§ Exercise brief
Go through the material line by line and copy each one with the word "name".

§ Dataset records

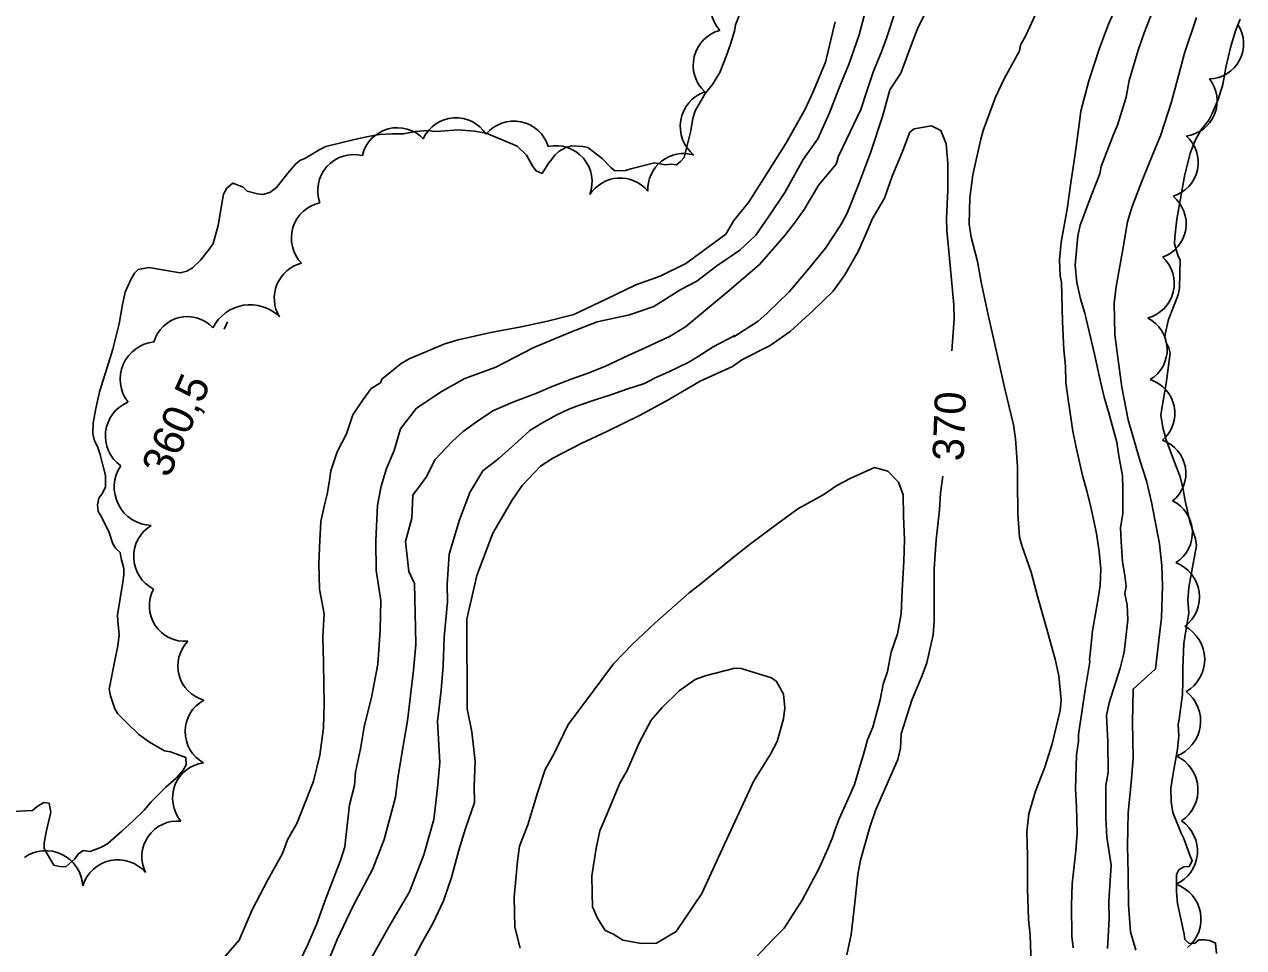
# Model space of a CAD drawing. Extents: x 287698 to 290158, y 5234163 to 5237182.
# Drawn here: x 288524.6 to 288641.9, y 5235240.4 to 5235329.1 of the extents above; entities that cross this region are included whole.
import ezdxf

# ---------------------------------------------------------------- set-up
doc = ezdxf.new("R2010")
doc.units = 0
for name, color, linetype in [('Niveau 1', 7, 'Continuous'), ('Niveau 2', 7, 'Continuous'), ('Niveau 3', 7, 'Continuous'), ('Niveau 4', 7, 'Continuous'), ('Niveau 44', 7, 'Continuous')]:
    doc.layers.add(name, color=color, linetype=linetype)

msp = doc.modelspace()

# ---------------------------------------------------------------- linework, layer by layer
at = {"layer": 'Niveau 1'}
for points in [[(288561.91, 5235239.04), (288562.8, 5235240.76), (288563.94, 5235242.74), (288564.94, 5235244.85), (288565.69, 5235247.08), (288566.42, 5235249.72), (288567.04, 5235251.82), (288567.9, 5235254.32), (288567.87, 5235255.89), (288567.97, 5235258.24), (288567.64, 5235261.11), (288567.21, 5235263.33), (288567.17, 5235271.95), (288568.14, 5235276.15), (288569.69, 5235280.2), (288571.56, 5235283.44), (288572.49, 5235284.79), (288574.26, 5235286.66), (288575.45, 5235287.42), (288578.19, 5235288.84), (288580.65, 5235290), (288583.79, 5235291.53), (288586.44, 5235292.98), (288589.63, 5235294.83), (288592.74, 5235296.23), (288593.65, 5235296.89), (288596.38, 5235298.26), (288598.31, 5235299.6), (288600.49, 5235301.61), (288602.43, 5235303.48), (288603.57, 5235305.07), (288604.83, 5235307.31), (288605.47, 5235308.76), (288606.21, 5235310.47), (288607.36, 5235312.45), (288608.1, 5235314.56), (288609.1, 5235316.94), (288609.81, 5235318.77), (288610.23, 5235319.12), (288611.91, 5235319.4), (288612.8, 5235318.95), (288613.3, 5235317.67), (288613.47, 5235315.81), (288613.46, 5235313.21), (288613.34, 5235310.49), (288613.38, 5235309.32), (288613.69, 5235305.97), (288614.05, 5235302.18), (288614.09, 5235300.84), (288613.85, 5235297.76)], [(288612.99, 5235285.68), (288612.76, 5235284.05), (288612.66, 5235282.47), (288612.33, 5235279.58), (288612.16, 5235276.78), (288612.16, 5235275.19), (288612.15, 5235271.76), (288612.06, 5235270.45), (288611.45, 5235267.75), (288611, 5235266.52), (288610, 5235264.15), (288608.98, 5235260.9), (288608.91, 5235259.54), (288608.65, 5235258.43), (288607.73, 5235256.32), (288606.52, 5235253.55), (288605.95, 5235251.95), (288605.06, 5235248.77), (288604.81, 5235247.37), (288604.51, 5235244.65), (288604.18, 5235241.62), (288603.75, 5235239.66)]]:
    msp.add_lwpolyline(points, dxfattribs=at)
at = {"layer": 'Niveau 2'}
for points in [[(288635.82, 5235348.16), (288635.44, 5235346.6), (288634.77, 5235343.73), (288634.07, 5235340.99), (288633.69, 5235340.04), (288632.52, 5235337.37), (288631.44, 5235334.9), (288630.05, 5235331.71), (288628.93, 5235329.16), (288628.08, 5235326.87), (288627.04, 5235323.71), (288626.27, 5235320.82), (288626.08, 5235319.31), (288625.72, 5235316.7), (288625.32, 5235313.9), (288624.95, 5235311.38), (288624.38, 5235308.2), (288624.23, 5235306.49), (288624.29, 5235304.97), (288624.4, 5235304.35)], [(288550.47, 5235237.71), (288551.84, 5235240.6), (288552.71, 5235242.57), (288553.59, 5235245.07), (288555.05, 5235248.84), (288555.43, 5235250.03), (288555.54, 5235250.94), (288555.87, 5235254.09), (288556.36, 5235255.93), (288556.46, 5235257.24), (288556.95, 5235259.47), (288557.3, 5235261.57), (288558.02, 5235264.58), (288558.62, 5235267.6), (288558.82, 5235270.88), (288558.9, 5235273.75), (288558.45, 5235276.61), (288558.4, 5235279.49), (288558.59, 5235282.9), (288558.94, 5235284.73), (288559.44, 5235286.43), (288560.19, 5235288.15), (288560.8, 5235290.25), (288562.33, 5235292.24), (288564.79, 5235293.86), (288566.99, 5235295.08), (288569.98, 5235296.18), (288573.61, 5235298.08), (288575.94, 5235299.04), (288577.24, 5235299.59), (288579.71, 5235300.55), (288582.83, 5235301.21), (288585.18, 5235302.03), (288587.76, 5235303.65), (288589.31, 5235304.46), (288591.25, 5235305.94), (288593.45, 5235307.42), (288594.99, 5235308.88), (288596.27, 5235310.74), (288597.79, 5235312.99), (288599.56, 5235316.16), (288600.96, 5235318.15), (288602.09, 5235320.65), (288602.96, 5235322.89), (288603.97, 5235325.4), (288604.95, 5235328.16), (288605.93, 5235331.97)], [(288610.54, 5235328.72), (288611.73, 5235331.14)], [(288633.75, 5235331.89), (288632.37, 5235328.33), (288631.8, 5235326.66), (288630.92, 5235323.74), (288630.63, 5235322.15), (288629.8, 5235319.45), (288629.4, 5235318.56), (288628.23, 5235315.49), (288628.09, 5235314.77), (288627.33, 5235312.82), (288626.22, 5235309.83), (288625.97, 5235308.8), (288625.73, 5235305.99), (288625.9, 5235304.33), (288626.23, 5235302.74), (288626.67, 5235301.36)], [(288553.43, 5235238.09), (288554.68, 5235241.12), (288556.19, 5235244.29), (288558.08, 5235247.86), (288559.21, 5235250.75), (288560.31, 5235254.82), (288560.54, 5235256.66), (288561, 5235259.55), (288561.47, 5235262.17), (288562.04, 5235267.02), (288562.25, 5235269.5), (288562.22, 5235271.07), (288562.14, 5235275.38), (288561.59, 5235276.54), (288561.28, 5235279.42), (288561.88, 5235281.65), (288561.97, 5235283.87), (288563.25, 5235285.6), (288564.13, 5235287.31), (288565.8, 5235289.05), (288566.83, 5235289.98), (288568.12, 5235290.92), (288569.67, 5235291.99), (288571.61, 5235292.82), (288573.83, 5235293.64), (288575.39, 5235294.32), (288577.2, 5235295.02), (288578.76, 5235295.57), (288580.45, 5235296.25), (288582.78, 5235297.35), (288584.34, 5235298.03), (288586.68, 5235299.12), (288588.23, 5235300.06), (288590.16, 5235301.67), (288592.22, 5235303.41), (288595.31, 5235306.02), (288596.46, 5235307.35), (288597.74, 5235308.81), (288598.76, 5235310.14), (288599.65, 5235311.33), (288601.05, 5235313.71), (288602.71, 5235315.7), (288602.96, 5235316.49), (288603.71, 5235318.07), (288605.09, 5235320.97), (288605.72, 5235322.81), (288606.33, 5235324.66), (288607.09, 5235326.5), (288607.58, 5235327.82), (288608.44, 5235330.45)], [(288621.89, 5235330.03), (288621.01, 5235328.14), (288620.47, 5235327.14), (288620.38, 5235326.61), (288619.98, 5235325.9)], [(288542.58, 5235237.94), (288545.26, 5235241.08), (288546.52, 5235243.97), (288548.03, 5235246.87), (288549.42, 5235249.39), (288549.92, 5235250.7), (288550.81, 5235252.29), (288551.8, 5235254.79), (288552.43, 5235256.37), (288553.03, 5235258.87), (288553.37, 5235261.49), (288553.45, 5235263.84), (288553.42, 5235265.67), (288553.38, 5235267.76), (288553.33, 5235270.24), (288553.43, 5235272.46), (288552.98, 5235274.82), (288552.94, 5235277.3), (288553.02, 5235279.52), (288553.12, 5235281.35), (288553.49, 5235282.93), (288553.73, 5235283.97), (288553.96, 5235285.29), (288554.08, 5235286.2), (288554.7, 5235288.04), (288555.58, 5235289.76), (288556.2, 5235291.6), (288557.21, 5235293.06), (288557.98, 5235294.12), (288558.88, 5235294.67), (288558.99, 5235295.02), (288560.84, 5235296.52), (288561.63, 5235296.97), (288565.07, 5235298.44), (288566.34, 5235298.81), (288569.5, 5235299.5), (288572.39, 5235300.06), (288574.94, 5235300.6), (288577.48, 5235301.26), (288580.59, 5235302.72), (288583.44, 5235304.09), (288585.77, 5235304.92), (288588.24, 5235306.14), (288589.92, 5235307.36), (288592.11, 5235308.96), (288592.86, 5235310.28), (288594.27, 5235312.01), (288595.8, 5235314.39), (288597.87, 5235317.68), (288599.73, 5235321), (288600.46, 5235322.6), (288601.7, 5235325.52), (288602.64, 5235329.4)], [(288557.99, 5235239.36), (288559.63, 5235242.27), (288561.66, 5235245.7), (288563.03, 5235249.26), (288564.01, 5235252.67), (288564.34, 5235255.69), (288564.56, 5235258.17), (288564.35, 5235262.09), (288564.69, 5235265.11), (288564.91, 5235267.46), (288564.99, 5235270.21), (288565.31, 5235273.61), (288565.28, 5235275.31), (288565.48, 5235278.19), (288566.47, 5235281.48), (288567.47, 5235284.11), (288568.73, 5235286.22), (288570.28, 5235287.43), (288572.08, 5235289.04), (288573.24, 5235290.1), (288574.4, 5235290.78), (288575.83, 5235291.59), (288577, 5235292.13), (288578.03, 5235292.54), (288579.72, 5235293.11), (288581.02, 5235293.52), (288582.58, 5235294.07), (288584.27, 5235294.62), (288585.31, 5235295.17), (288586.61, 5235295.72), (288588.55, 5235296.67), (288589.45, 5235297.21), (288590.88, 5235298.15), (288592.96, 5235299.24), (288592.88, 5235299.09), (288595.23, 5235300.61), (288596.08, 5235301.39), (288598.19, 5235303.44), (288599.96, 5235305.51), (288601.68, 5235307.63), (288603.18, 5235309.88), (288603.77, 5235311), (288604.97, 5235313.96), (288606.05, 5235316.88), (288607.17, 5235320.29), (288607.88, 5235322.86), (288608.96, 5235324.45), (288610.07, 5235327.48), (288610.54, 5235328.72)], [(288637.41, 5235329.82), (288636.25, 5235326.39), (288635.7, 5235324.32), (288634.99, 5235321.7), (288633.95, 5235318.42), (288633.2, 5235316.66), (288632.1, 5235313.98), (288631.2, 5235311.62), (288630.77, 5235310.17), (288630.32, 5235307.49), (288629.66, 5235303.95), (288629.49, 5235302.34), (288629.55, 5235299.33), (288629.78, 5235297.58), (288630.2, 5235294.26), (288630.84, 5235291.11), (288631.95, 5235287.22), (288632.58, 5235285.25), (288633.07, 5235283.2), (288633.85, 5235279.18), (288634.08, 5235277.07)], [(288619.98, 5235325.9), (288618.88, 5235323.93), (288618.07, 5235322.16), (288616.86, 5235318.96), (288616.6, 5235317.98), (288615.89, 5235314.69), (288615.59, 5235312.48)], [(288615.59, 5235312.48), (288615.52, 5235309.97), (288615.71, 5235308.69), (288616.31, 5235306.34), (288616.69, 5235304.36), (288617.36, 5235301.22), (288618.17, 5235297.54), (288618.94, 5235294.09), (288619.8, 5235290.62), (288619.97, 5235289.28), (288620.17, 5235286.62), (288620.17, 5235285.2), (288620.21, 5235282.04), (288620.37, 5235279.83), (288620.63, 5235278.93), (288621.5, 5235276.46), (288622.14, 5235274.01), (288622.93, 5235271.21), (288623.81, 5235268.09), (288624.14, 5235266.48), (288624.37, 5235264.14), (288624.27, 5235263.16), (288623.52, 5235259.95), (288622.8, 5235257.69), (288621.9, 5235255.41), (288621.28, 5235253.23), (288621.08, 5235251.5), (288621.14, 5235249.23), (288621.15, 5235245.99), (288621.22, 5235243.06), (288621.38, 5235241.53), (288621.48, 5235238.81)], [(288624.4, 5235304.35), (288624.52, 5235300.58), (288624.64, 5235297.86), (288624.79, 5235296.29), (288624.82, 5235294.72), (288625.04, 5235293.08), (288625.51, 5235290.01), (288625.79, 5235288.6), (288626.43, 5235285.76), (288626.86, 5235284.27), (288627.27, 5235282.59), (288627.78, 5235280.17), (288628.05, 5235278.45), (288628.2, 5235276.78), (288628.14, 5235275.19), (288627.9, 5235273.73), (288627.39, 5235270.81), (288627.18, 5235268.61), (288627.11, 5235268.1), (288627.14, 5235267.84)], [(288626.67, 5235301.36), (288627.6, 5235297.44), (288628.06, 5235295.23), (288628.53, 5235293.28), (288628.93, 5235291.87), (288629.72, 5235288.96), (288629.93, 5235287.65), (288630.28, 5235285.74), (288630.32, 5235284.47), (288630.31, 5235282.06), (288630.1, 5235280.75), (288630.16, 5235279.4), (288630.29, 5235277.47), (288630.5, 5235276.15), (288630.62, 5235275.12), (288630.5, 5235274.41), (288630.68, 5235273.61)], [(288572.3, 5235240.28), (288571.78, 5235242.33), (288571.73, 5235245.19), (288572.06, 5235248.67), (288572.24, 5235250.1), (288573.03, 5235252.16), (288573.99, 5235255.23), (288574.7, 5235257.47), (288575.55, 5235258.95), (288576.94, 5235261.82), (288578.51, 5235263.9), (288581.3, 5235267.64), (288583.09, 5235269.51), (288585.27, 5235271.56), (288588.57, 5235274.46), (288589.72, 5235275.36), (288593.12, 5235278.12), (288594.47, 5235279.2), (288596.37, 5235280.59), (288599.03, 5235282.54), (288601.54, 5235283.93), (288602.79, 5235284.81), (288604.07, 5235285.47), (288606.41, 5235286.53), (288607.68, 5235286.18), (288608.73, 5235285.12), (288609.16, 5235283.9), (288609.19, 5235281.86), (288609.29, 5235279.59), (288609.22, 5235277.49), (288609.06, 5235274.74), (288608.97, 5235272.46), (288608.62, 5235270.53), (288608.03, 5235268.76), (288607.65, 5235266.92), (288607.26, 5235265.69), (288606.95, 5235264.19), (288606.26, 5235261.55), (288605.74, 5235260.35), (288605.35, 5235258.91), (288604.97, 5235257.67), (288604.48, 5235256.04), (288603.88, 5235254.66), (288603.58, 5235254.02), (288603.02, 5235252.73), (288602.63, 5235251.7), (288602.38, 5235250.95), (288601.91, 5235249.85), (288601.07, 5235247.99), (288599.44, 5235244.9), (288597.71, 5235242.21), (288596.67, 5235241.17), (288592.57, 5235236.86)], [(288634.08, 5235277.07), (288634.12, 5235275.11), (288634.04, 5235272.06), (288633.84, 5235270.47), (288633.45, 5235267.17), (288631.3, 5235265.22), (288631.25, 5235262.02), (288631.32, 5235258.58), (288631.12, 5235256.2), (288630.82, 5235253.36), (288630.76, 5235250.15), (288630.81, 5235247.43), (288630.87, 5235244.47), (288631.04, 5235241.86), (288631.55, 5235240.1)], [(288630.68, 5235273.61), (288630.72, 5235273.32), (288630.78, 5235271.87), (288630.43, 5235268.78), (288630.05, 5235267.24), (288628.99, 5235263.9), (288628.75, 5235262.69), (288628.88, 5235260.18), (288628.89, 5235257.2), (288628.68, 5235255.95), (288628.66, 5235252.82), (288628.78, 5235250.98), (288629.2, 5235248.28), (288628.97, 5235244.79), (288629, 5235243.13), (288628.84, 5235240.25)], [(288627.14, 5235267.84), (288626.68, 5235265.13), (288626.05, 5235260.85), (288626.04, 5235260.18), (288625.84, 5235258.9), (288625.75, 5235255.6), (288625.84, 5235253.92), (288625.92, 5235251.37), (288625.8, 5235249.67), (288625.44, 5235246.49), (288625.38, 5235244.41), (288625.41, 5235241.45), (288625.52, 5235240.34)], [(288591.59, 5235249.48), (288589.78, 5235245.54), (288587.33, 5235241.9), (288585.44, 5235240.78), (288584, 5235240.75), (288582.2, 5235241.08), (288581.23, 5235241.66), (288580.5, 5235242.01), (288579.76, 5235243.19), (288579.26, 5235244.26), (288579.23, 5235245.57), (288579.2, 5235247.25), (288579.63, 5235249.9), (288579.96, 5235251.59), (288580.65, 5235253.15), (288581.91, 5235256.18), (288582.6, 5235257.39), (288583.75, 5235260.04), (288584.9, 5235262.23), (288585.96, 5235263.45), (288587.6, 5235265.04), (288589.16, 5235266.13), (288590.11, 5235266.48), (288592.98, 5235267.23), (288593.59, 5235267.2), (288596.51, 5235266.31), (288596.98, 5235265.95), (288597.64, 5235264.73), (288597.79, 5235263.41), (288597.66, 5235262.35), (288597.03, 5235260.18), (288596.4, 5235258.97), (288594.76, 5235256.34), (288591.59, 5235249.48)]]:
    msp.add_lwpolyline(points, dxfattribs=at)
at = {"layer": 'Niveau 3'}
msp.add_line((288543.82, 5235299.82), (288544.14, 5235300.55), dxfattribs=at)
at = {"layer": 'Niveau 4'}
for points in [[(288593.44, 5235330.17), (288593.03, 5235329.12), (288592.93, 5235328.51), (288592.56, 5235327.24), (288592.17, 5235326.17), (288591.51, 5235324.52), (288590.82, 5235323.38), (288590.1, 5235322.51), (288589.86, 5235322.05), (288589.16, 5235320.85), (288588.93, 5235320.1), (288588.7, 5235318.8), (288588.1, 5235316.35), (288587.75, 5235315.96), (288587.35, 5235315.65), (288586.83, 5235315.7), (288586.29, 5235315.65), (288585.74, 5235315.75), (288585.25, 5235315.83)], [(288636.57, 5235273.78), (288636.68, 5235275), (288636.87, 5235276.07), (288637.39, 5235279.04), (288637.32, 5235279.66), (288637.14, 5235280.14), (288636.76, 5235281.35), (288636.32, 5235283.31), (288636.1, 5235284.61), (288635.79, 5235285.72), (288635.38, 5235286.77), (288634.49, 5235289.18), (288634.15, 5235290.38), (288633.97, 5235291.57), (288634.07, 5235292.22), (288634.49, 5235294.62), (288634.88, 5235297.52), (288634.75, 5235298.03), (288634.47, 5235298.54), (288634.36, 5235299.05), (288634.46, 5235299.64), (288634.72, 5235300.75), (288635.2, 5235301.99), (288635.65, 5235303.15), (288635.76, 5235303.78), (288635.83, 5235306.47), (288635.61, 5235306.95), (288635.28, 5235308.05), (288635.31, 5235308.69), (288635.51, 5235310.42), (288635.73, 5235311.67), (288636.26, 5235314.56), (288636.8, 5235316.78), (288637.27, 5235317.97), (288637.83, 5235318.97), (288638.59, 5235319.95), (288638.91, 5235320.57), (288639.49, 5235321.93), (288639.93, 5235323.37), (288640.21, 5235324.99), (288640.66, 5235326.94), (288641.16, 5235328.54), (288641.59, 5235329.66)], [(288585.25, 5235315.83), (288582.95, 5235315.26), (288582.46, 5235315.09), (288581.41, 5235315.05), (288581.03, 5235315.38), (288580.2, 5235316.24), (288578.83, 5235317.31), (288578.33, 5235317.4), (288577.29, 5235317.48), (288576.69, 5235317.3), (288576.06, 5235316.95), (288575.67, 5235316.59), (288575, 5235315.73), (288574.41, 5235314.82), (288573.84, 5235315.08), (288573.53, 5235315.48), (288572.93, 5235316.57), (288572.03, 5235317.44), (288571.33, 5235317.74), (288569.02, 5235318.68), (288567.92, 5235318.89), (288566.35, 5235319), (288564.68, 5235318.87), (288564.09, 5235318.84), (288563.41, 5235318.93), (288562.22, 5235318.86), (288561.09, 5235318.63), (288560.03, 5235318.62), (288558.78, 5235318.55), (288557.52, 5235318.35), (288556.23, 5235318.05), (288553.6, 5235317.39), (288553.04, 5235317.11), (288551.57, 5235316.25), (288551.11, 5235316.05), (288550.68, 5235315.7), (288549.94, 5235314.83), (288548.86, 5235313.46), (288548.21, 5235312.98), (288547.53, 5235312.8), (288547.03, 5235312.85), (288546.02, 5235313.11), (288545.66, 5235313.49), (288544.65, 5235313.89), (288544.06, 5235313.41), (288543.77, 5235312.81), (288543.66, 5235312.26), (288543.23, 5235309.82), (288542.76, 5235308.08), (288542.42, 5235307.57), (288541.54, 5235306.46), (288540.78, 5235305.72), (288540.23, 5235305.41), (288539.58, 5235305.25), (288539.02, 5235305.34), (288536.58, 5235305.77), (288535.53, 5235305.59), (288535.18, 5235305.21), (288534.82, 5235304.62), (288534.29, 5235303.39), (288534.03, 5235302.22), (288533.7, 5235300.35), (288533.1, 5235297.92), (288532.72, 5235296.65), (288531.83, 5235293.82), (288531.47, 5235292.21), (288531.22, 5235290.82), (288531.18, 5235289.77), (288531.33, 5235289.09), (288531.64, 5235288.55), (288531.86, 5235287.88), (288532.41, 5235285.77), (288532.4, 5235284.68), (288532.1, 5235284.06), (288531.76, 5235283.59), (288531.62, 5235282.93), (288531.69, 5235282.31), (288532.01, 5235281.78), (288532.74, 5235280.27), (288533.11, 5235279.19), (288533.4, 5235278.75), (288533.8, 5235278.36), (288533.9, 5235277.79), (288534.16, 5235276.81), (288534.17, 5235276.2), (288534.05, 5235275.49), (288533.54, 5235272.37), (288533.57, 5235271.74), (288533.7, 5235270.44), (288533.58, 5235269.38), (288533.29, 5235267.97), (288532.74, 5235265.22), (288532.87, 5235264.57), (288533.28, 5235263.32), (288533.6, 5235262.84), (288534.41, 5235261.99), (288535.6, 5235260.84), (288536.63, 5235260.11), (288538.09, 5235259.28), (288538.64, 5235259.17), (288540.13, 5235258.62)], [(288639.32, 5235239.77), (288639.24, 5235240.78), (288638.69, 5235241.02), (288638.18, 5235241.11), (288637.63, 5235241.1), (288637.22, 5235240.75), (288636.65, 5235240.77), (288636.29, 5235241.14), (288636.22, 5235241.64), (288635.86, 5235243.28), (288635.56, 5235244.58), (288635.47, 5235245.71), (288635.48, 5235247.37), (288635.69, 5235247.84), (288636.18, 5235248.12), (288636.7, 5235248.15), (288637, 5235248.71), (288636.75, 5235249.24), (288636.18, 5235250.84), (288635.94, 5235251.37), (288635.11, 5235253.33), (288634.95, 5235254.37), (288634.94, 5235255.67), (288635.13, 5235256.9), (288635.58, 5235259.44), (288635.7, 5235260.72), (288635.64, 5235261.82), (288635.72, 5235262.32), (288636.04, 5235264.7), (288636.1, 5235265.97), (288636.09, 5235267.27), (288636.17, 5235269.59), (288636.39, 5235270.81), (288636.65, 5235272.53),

§ Solution to the problem
for name, color, linetype in [('Niveau 1', 7, 'Continuous'), ('Niveau 2', 7, 'Continuous'), ('Niveau 3', 7, 'Continuous'), ('Niveau 4', 7, 'Continuous'), ('Niveau 44', 7, 'Continuous')]:
    doc.layers.add(name, color=color, linetype=linetype)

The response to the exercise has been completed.